§ Exercise
Return every line of the records that includes the string "VECTOR".

(Items from a dataset)
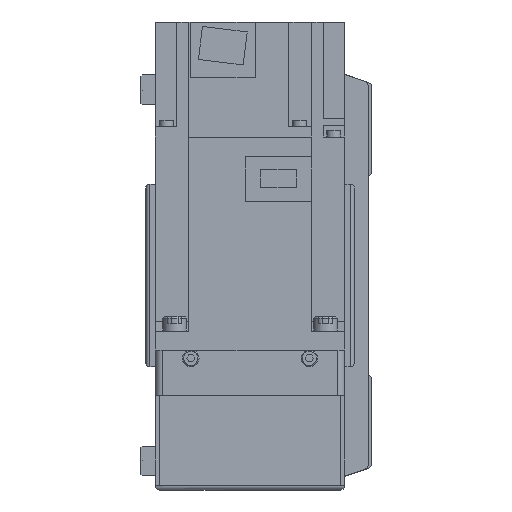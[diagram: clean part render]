
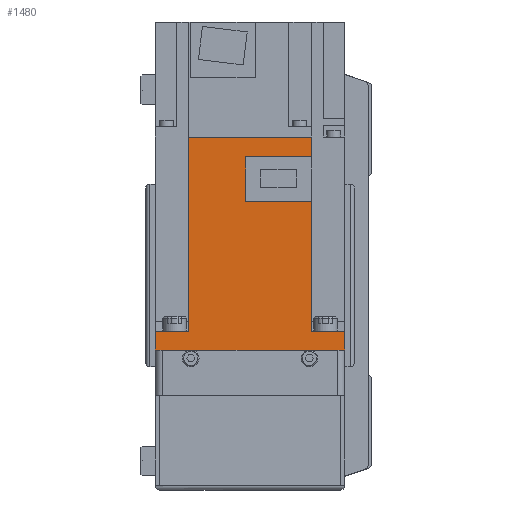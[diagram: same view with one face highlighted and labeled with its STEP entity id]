
A CAD part, left-side view. The second image highlights one B-rep face of the part: STEP entity #1480.
In plain terms, the highlighted planar face has unit normal (-1, 0, 0) as drawn and (1, 0, 0) by its records, which use the part's own axes.
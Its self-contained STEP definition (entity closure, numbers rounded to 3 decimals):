
#1480 = ADVANCED_FACE( '', ( #3718 ), #3719, .F. );
#3718 = FACE_OUTER_BOUND( '', #6964, .T. );
#3719 = PLANE( '', #6965 );
#6964 = EDGE_LOOP( '', ( #11024, #11025, #11026, #11027, #11028, #11029, #11030, #11031, #11032, #11033, #11034, #11035 ) );
#6965 = AXIS2_PLACEMENT_3D( '', #11036, #11037, #11038 );
#11024 = ORIENTED_EDGE( '', *, *, #19350, .F. );
#11025 = ORIENTED_EDGE( '', *, *, #19351, .F. );
#11026 = ORIENTED_EDGE( '', *, *, #19352, .F. );
#11027 = ORIENTED_EDGE( '', *, *, #19308, .T. );
#11028 = ORIENTED_EDGE( '', *, *, #19353, .F. );
#11029 = ORIENTED_EDGE( '', *, *, #19354, .T. );
#11030 = ORIENTED_EDGE( '', *, *, #19355, .T. );
#11031 = ORIENTED_EDGE( '', *, *, #19128, .F. );
#11032 = ORIENTED_EDGE( '', *, *, #19356, .F. );
#11033 = ORIENTED_EDGE( '', *, *, #19357, .F. );
#11034 = ORIENTED_EDGE( '', *, *, #19358, .F. );
#11035 = ORIENTED_EDGE( '', *, *, #19187, .F. );
#11036 = CARTESIAN_POINT( '', ( 40., 89.8, 40. ) );
#11037 = DIRECTION( '', ( -1., 0., 0. ) );
#11038 = DIRECTION( '', ( 0., 0., 1. ) );
#19128 = EDGE_CURVE( '', #23023, #23025, #23026, .T. );
#19187 = EDGE_CURVE( '', #23123, #23124, #23125, .T. );
#19308 = EDGE_CURVE( '', #23322, #23320, #23323, .T. );
#19350 = EDGE_CURVE( '', #23391, #23123, #23392, .T. );
#19351 = EDGE_CURVE( '', #23393, #23391, #23394, .T. );
#19352 = EDGE_CURVE( '', #23322, #23393, #23395, .T. );
#19353 = EDGE_CURVE( '', #23396, #23320, #23397, .T. );
#19354 = EDGE_CURVE( '', #23396, #23398, #23399, .T. );
#19355 = EDGE_CURVE( '', #23398, #23025, #23400, .T. );
#19356 = EDGE_CURVE( '', #23401, #23023, #23402, .T. );
#19357 = EDGE_CURVE( '', #23403, #23401, #23404, .T. );
#19358 = EDGE_CURVE( '', #23124, #23403, #23405, .T. );
#23023 = VERTEX_POINT( '', #28612 );
#23025 = VERTEX_POINT( '', #28615 );
#23026 = LINE( '', #28616, #28617 );
#23123 = VERTEX_POINT( '', #28743 );
#23124 = VERTEX_POINT( '', #28744 );
#23125 = LINE( '', #28745, #28746 );
#23320 = VERTEX_POINT( '', #29049 );
#23322 = VERTEX_POINT( '', #29052 );
#23323 = LINE( '', #29053, #29054 );
#23391 = VERTEX_POINT( '', #29169 );
#23392 = LINE( '', #29170, #29171 );
#23393 = VERTEX_POINT( '', #29172 );
#23394 = LINE( '', #29173, #29174 );
#23395 = LINE( '', #29175, #29176 );
#23396 = VERTEX_POINT( '', #29177 );
#23397 = LINE( '', #29178, #29179 );
#23398 = VERTEX_POINT( '', #29180 );
#23399 = LINE( '', #29181, #29182 );
#23400 = LINE( '', #29183, #29184 );
#23401 = VERTEX_POINT( '', #29185 );
#23402 = LINE( '', #29186, #29187 );
#23403 = VERTEX_POINT( '', #29188 );
#23404 = LINE( '', #29189, #29190 );
#23405 = LINE( '', #29191, #29192 );
#28612 = CARTESIAN_POINT( '', ( 40., 8., -40. ) );
#28615 = CARTESIAN_POINT( '', ( 40., 0., -40. ) );
#28616 = CARTESIAN_POINT( '', ( 40., 89.8, -40. ) );
#28617 = VECTOR( '', #35335, 1000. );
#28743 = CARTESIAN_POINT( '', ( 40., 81.4, 1.8 ) );
#28744 = CARTESIAN_POINT( '', ( 40., 62.8, 1.8 ) );
#28745 = CARTESIAN_POINT( '', ( 40., 81.4, 1.8 ) );
#28746 = VECTOR( '', #35416, 1000. );
#29049 = CARTESIAN_POINT( '', ( 40., 8., 25.95 ) );
#29052 = CARTESIAN_POINT( '', ( 40., 89.8, 25.95 ) );
#29053 = CARTESIAN_POINT( '', ( 40., 158., 25.95 ) );
#29054 = VECTOR( '', #35564, 1000. );
#29169 = CARTESIAN_POINT( '', ( 40., 81.4, -25.95 ) );
#29170 = CARTESIAN_POINT( '', ( 40., 81.4, -26. ) );
#29171 = VECTOR( '', #35609, 1000. );
#29172 = CARTESIAN_POINT( '', ( 40., 89.8, -25.95 ) );
#29173 = CARTESIAN_POINT( '', ( 40., 158., -25.95 ) );
#29174 = VECTOR( '', #35610, 1000. );
#29175 = CARTESIAN_POINT( '', ( 40., 89.8, 40. ) );
#29176 = VECTOR( '', #35611, 1000. );
#29177 = CARTESIAN_POINT( '', ( 40., 8., 40. ) );
#29178 = CARTESIAN_POINT( '', ( 40., 8., 40. ) );
#29179 = VECTOR( '', #35612, 1000. );
#29180 = CARTESIAN_POINT( '', ( 40., 0., 40. ) );
#29181 = CARTESIAN_POINT( '', ( 40., 89.8, 40. ) );
#29182 = VECTOR( '', #35613, 1000. );
#29183 = CARTESIAN_POINT( '', ( 40., 0., 40. ) );
#29184 = VECTOR( '', #35614, 1000. );
#29185 = CARTESIAN_POINT( '', ( 40., 8., -25.95 ) );
#29186 = CARTESIAN_POINT( '', ( 40., 8., 40. ) );
#29187 = VECTOR( '', #35615, 1000. );
#29188 = CARTESIAN_POINT( '', ( 40., 62.8, -25.95 ) );
#29189 = CARTESIAN_POINT( '', ( 40., 158., -25.95 ) );
#29190 = VECTOR( '', #35616, 1000. );
#29191 = CARTESIAN_POINT( '', ( 40., 62.8, 1.8 ) );
#29192 = VECTOR( '', #35617, 1000. );
#35335 = DIRECTION( '', ( 0., -1., 0. ) );
#35416 = DIRECTION( '', ( 0., -1., 0. ) );
#35564 = DIRECTION( '', ( 0., -1., 0. ) );
#35609 = DIRECTION( '', ( 0., 0., 1. ) );
#35610 = DIRECTION( '', ( 0., -1., 0. ) );
#35611 = DIRECTION( '', ( 0., 0., -1. ) );
#35612 = DIRECTION( '', ( 0., 0., -1. ) );
#35613 = DIRECTION( '', ( 0., -1., 0. ) );
#35614 = DIRECTION( '', ( 0., 0., -1. ) );
#35615 = DIRECTION( '', ( 0., 0., -1. ) );
#35616 = DIRECTION( '', ( 0., -1., 0. ) );
#35617 = DIRECTION( '', ( 0., 0., -1. ) );

§ Written solution
#28617 = VECTOR( '', #35335, 1000. );
#28746 = VECTOR( '', #35416, 1000. );
#29054 = VECTOR( '', #35564, 1000. );
#29171 = VECTOR( '', #35609, 1000. );
#29174 = VECTOR( '', #35610, 1000. );
#29176 = VECTOR( '', #35611, 1000. );
#29179 = VECTOR( '', #35612, 1000. );
#29182 = VECTOR( '', #35613, 1000. );
#29184 = VECTOR( '', #35614, 1000. );
#29187 = VECTOR( '', #35615, 1000. );
#29190 = VECTOR( '', #35616, 1000. );
#29192 = VECTOR( '', #35617, 1000. );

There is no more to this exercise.